The chemist looked at Meg as he passed over the bottle of laudanum.
‘That’s the second bottle I’ve administered to you this week. What are you doing with it?’ he asked and looked stern.
‘It’s for my mother, she’s dying from cancer. She gets worse with each day and it’s the only thing that helps her with the pain,’ Meg said and passed him payment.
‘It’s costing you a pretty penny. It is to be hoped that the good Lord takes her soon else she’ll need more and more to fight the pain. She’ll get addicted and then nothing will help her,’ the chemist said, not unkindly, looking at the young lass who looked as if she hadn’t a penny to her name.
‘It doesn’t matter. As long as it helps her for now, we take each day as it comes,’ Meg said and turned to leave, pushing past the next customer without looking at them in a bid to get out of the shop.
‘Poor lass, her mother is dying and she’s working every hour she can for old Ted Lund at the bakery,’ Mrs Thomas, one of Meg’s regulars, told the chemist once she’d gone. ‘She’s a blinking good baker, but Ted will not be paying her that well, they’ll be struggling. There but for the grace of God go I.’
‘He must be paying her something decent. She’s spent a good deal on laudanum for her mother – she can’t carry on doing that forever.’

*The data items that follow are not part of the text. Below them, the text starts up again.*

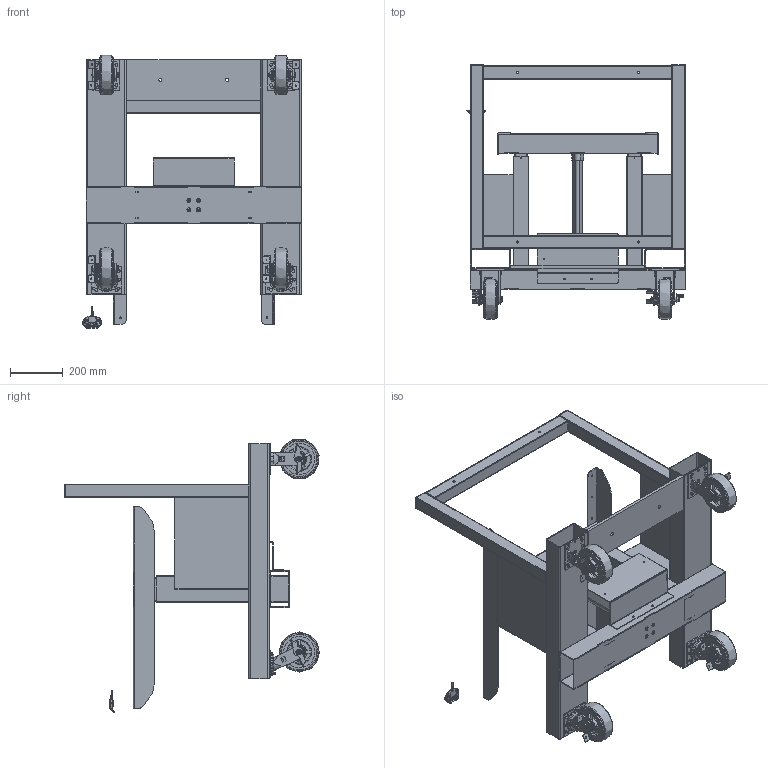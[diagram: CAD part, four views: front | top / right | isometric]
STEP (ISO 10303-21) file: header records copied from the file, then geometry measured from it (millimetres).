
FILE_DESCRIPTION (( 'STEP AP214' ), '1' );
FILE_NAME ('MB800 24INX30IN.STEP', '2020-01-22T14:14:09', ( '' ), ( '' ), 'SwSTEP 2.0', 'SolidWorks 2019', '' );
FILE_SCHEMA (( 'AUTOMOTIVE_DESIGN' ));
Length unit declared in the file: millimetre
Products named in the file (2): MB800 24INX30IN
Bounding box: 825.84 x 962.82 x 1032.45 mm (x, y, z)
Surface area: 7329685.8 mm2 (no closed solid volume)
Topology: 0 solids, 97 shells, 3365 faces, 8957 edges, 5900 vertices
Faces by surface type: plane 1864, cylinder 712, bspline 476, cone 261, torus 46, sphere 6
Full cylindrical faces by diameter (mm): 1.575 x6, 1.778 x6, 3 x2, 3.3 x4, 4 x2, 4.039 x4, 4.2 x4, 4.252 x6, 4.5 x1, 4.521 x6, 4.6 x1, 4.762 x2, 4.763 x4, 5 x14, 6 x20, 6.4 x4, 6.6 x2, 6.8 x7, 7 x1, 7.117 x6, 7.5 x1, 7.937 x8, 8 x2, 9 x8, 9.7 x2, 10.5 x1, 12 x18, 12.5 x1, 12.7 x12, 12.827 x12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
Entity records: 180832 total; most frequent: CARTESIAN_POINT 66778, ORIENTED_EDGE 16162, DIRECTION 13791, EDGE_CURVE 8167, VERTEX_POINT 5662, AXIS2_PLACEMENT_3D 4670, EDGE_LOOP 4497, VECTOR 4451

The chemist shook his head. How she was paying for them was none of his business but he thought he might just mention it when Ted returned and came in for his usual gout pills.
Meg rushed through the streets. She had one more place to visit before returning to her mother, one that she had not been able to get off her mind no matter how bad things had been at home.
She stood outside Frankie’s patisserie and looked through the window. Marie and Norah were busy serving their top-class customers and Brenda Jones was watching them as they smiled and made sure the customers got what they were asking for. Meg looked at her reflection in the shop’s window and could see just how scruffy she looked in her cast-off clothes, that she smelt of her morning’s work and there was a stain down the front of her dress where she had accidentally cracked an egg and it had spilt down the front of her. Compared to the shoppers in the bakery, she looked a mess and she decided to wait until the shop was empty before going in.
Once it was, she decided to enter the shop but found her way barred by Brenda Jones.
‘Sorry, may I enter please, I need to talk to Mr Pearson?’ Meg said.
Brenda looked down at her and sneered. ‘He’s not in today, he’s got business with his accountant. Besides, why would he want to see a street waif like you? Look at you, you are filthy and look as if you have just crawled out of the gutter.’
‘I’m sorry, I think you will find that me and Frankie… Mr Pearson are friends and that he doesn’t think that of me at all. Now if he is in there I need to see him.’ Meg tried to push past the woman who blocked her way.
‘You stupid girl!’ Brenda said venomously, refusing to move out of the way. ‘He’s only friends with you because you are his opposition. He’s been leading you on, finding out what he can about that filthy backstreet bakery that you work in. He means to buy it and close you down once the owner returns. Don’t you see, you silly child? You have been used. How could you actually think that a man that had the choice of any woman he wanted in Paris would think twice about looking at a backstreet girl like you? He’s with his accountant planning the takeover now. You’ll soon be without work and will have to crawl back to your squalor.’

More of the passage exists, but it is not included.